Reading and Writing Data
CSV
# Read
df = pd.read_csv("sales.csv")
df = pd.read_csv("sales.csv", index_col="id") # use a column as the index
df = pd.read_csv("sales.csv", parse_dates=["date"]) # parse date columns
# Write
df.to_csv("output.csv", index=False) # index=False omits the row numbers
Excel
df = pd.read_excel("report.xlsx", sheet_name="Q1")
df.to_excel("output.xlsx", sheet_name="Results", index=False)
JSON
df = pd.read_json("data.json")
df.to_json("output.json", orient="records", indent=2)
SQL
import sqlite3
conn = sqlite3.connect("sales.db")
df = pd.read_sql("SELECT * FROM orders WHERE total > 100", conn)

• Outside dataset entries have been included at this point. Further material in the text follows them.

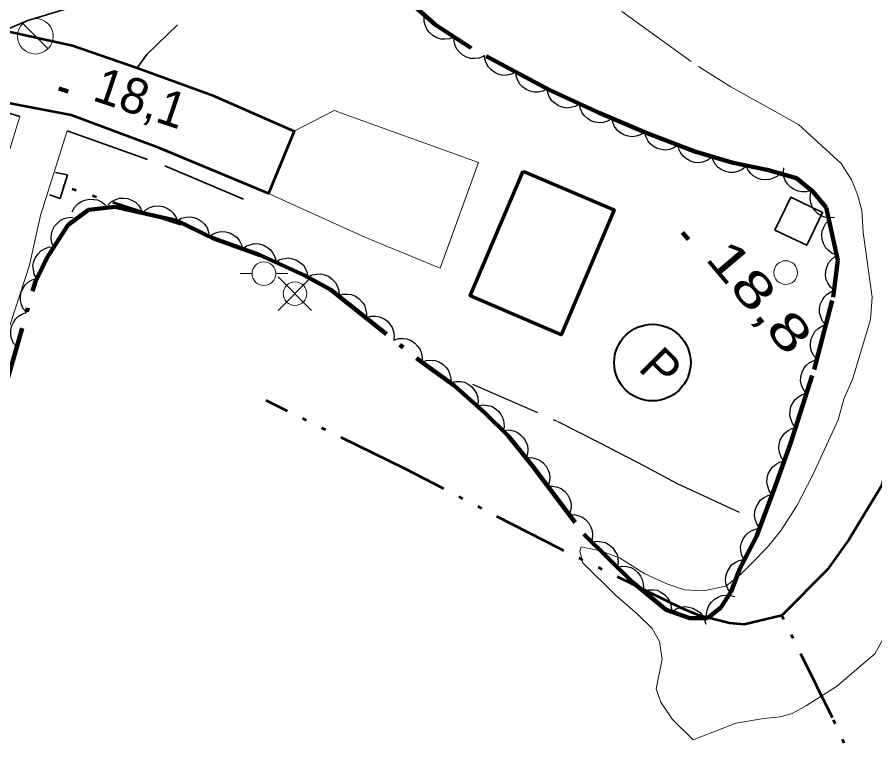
# Model space of a CAD drawing. Extents: x 386081 to 389416, y 5130568 to 5134082.
# Drawn here: x 387861.9 to 387934.2, y 5132226.5 to 5132287.6 of the extents above; entities that cross this region are included whole.
import ezdxf

# ---------------------------------------------------------------- set-up
doc = ezdxf.new("R2010")
doc.units = 0
doc.header["$LTSCALE"] = 1.2
for name, pattern in [('DASH_DOUBLE_DOT', [9.2, 5, -1.2, 0.3, -1.2, 0.3, -1.2]), ('DOT_DASHED', [7.7, 5, -1.2, 0.3, -1.2]), ('LONG_DASHED', [7.5, 6, -1.5]), ('MEDIUM_DASHED', [4.5, 3, -1.5])]:
    doc.linetypes.add(name, pattern=pattern)
for name, color, linetype, lineweight in [('19', 7, 'Continuous', 13), ('2', 7, 'Continuous', 13), ('21', 7, 'LONG_DASHED', 35), ('26', 7, 'Continuous', 35), ('3', 7, 'Continuous', 140), ('31', 7, 'Continuous', 70), ('36', 7, 'Continuous', 13), ('38', 7, 'Continuous', 40), ('4', 7, 'DASH_DOUBLE_DOT', 53), ('41', 7, 'DOT_DASHED', 25), ('44', 7, 'Continuous', 25)]:
    doc.layers.add(name, color=color, linetype=linetype, lineweight=lineweight)

msp = doc.modelspace()

# ---------------------------------------------------------------- linework, layer by layer
at = {"layer": '19'}
for points in [[(387883.05, 5132272.71), (387891.17, 5132269.01), (387897.52, 5132266.41), (387900.75, 5132275.32), (387888.61, 5132279.68), (387885.24, 5132277.96)], [(387862.12, 5132279.18), (387861.04, 5132275.72), (387858.91, 5132269.84), (387856.33, 5132263.57), (387852.29, 5132254.68), (387857.11, 5132252.3), (387860.88, 5132260.38), (387862.93, 5132266.67), (387863.84, 5132270.84), (387866.09, 5132277.99)]]:
    msp.add_lwpolyline(points, dxfattribs=at)
at = {"layer": '2', "linetype": 'LONG_DASHED'}
msp.add_lwpolyline([(387912.83, 5132288.04), (387919.29, 5132283.39), (387922.02, 5132281.69), (387927.73, 5132278.52), (387931.33, 5132275.22), (387932.2, 5132273.86), (387932.69, 5132272.63), (387933.06, 5132271.27), (387933.18, 5132269.41), (387933.92, 5132263.96), (387933.8, 5132262.1), (387932.3, 5132257.12), (387931.55, 5132255.37), (387931.06, 5132253.63), (387928.94, 5132249.01), (387927.57, 5132246.39), (387926.2, 5132244.27), (387925.08, 5132242.89), (387923.84, 5132241.63), (387922.72, 5132240.5), (387921.6, 5132239.62), (387919.73, 5132239.23), (387918.12, 5132239.33), (387916.62, 5132239.81), (387914.76, 5132240.66), (387912.65, 5132242), (387911.03, 5132242.6), (387909.42, 5132242.95), (387909.29, 5132242.58), (387909.54, 5132241.59), (387912.27, 5132238.89), (387914.14, 5132237.3), (387915.38, 5132236.07), (387916, 5132234.96), (387916.24, 5132233.47), (387915.74, 5132230.98), (387916.11, 5132229.87), (387917.11, 5132228.39), (387918.85, 5132226.68), (387922.45, 5132228.09), (387924.81, 5132228.49), (387926.18, 5132228.63), (387927.18, 5132228.89), (387928.41, 5132229.58)], dxfattribs=at)
at = {"layer": '2'}
msp.add_lwpolyline([(387949.58, 5132277.24), (387946.72, 5132273.4), (387945.48, 5132271.16), (387944.23, 5132268.42), (387942.24, 5132261.95), (387941.12, 5132254.86), (387940.74, 5132251.26), (387939.61, 5132244.67), (387938.87, 5132241.44), (387935.13, 5132235.69), (387934.14, 5132233.94), (387930.91, 5132231.17), (387928.41, 5132229.58)], dxfattribs=at)
at = {"layer": '21', "linetype": 'MEDIUM_DASHED'}
for points in [[(387860.78, 5132286.44), (387862.78, 5132287.28), (387865.84, 5132288.2), (387868.86, 5132289.23), (387870.95, 5132290.29), (387873.09, 5132291.74), (387875.38, 5132293.66), (387881.62, 5132300.01), (387887.6, 5132305.78), (387894.9, 5132314.12), (387902.8, 5132322.8), (387912.7, 5132332.94), (387922.03, 5132342.34), (387944.62, 5132364.16), (387960.02, 5132379.36), (387967.89, 5132387.55), (387974.37, 5132394.99), (387979.87, 5132401.66), (387990.47, 5132414.87), (387993.62, 5132418.08), (388000.82, 5132427.01), (388006.82, 5132435.09), (388017.51, 5132449)], [(387871.99, 5132283.29), (387872.81, 5132284.42), (387877.34, 5132288.8), (387880.16, 5132291.8), (387883.3, 5132295.45), (387886.81, 5132298.67), (387899.44, 5132312.84), (387911.12, 5132325.44), (387921.28, 5132335.78), (387930.99, 5132345.34), (387944.01, 5132357.8), (387957.3, 5132370.29), (387966.89, 5132380.09), (387975.16, 5132389.32), (387982.37, 5132397.55), (387987.94, 5132404.97), (387994.4, 5132413.8), (388000.29, 5132420), (388012.45, 5132436.38), (388020.46, 5132446.74)]]:
    msp.add_lwpolyline(points, dxfattribs=at)
at = {"layer": '21', "linetype": 'Continuous', "lineweight": 53}
msp.add_lwpolyline([(387763.15, 5132287.28), (387788.03, 5132285.2), (387808.99, 5132285.22), (387825.16, 5132285.86), (387836.05, 5132286.38), (387851.38, 5132286.8), (387855.95, 5132286.84), (387860.78, 5132286.44), (387866.55, 5132285.16), (387871.99, 5132283.29), (387878.32, 5132280.98), (387885.24, 5132277.96), (387883.05, 5132272.71), (387873.82, 5132276.54), (387866.45, 5132279.3), (387860.09, 5132280.5), (387854.1, 5132281), (387848.16, 5132280.97), (387838.97, 5132280.51), (387813.71, 5132278.82), (387800.16, 5132278.67), (387785.48, 5132279.18), (387766.83, 5132280.38)], dxfattribs=at)
at = {"layer": '21'}
for points in [[(387812.02, 5132278.07), (387815.64, 5132278.11), (387828.06, 5132278.98), (387844.65, 5132279.8), (387849.76, 5132279.92), (387856.3, 5132280.01), (387861.29, 5132279.43), (387862.12, 5132279.18)], [(387866.09, 5132277.99), (387874.32, 5132275.04), (387881.32, 5132272.07)]]:
    msp.add_lwpolyline(points, dxfattribs=at)
at = {"layer": '26'}
for p, q in [((387866.12, 5132274.28), (387865.12, 5132274.48)), ((387866.12, 5132274.28), (387865.52, 5132272.28)), ((387865.79, 5132273.18), (387865.7, 5132273.21)), ((387865.85, 5132273.38), (387865.75, 5132273.4)), ((387865.85, 5132273.38), (387865.79, 5132273.18)), ((387865.52, 5132272.28), (387864.62, 5132272.58))]:
    msp.add_line(p, q, dxfattribs=at)
at = {"layer": '3'}
for p, q in [((387865.41, 5132281.55), (387866.17, 5132281.29)), ((387917.94, 5132269.43), (387918.45, 5132268.82))]:
    msp.add_line(p, q, dxfattribs=at)
at = {"layer": '31'}
msp.add_lwpolyline([(387904.53, 5132274.59), (387912.2, 5132271.33), (387907.72, 5132260.8), (387900.05, 5132264.07)], close=True, dxfattribs=at)
at = {"layer": '31', "lineweight": 35}
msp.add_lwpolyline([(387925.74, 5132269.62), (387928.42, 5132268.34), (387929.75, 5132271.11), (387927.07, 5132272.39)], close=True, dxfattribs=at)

df.to_sql("summary", conn, if_exists="replace", index=False)
conn.close()
Exploring a DataFrame
df = pd.read_csv("sales.csv")
df.shape # (1000, 8) — rows, columns
df.dtypes # data type of each column
df.columns # column names
df.index # row labels
df.head(5) # first 5 rows
df.tail(5) # last 5 rows
df.sample(5) # 5 random rows
df.info() # column names, non-null counts, dtypes, memory
df.describe() # count, mean, std, min, quartiles, max for numeric cols
df.describe(include="all") # includes non-numeric columns too
df.value_counts("category") # frequency of each category
df.nunique() # number of unique values per column
df.isnull().sum() # count missing values per column
Selecting Data
Columns
df["name"] # single column -> Series
df[["name", "score"]] # multiple columns -> DataFrame
Rows with .iloc — by position
df.iloc[0] # first row -> Series
df.iloc[0:5] # first 5 rows
df.iloc[0, 2] # row 0, column 2 (by position)
df.iloc[:, 1:4] # all rows, columns 1-3
Rows with .loc — by label
df.loc[0] # row with index label 0
df.loc[0:5] # rows 0 through 5 (inclusive!)
df.loc[0, "name"] # row 0, column "name"
df.loc[:, "name":"score"] # all rows, columns "name" through "score"
The key difference: .iloc uses integer positions (exclusive end), .loc uses labels (inclusive end).
Boolean filtering
# Single condition
df[df["score"] > 80]
# Multiple conditions — use & (and) and | (or), not Python's and/or
df[(df["score"] > 80) & (df["passed"] == True)]
df[(df["age"] < 30) | (df["score"] > 90)]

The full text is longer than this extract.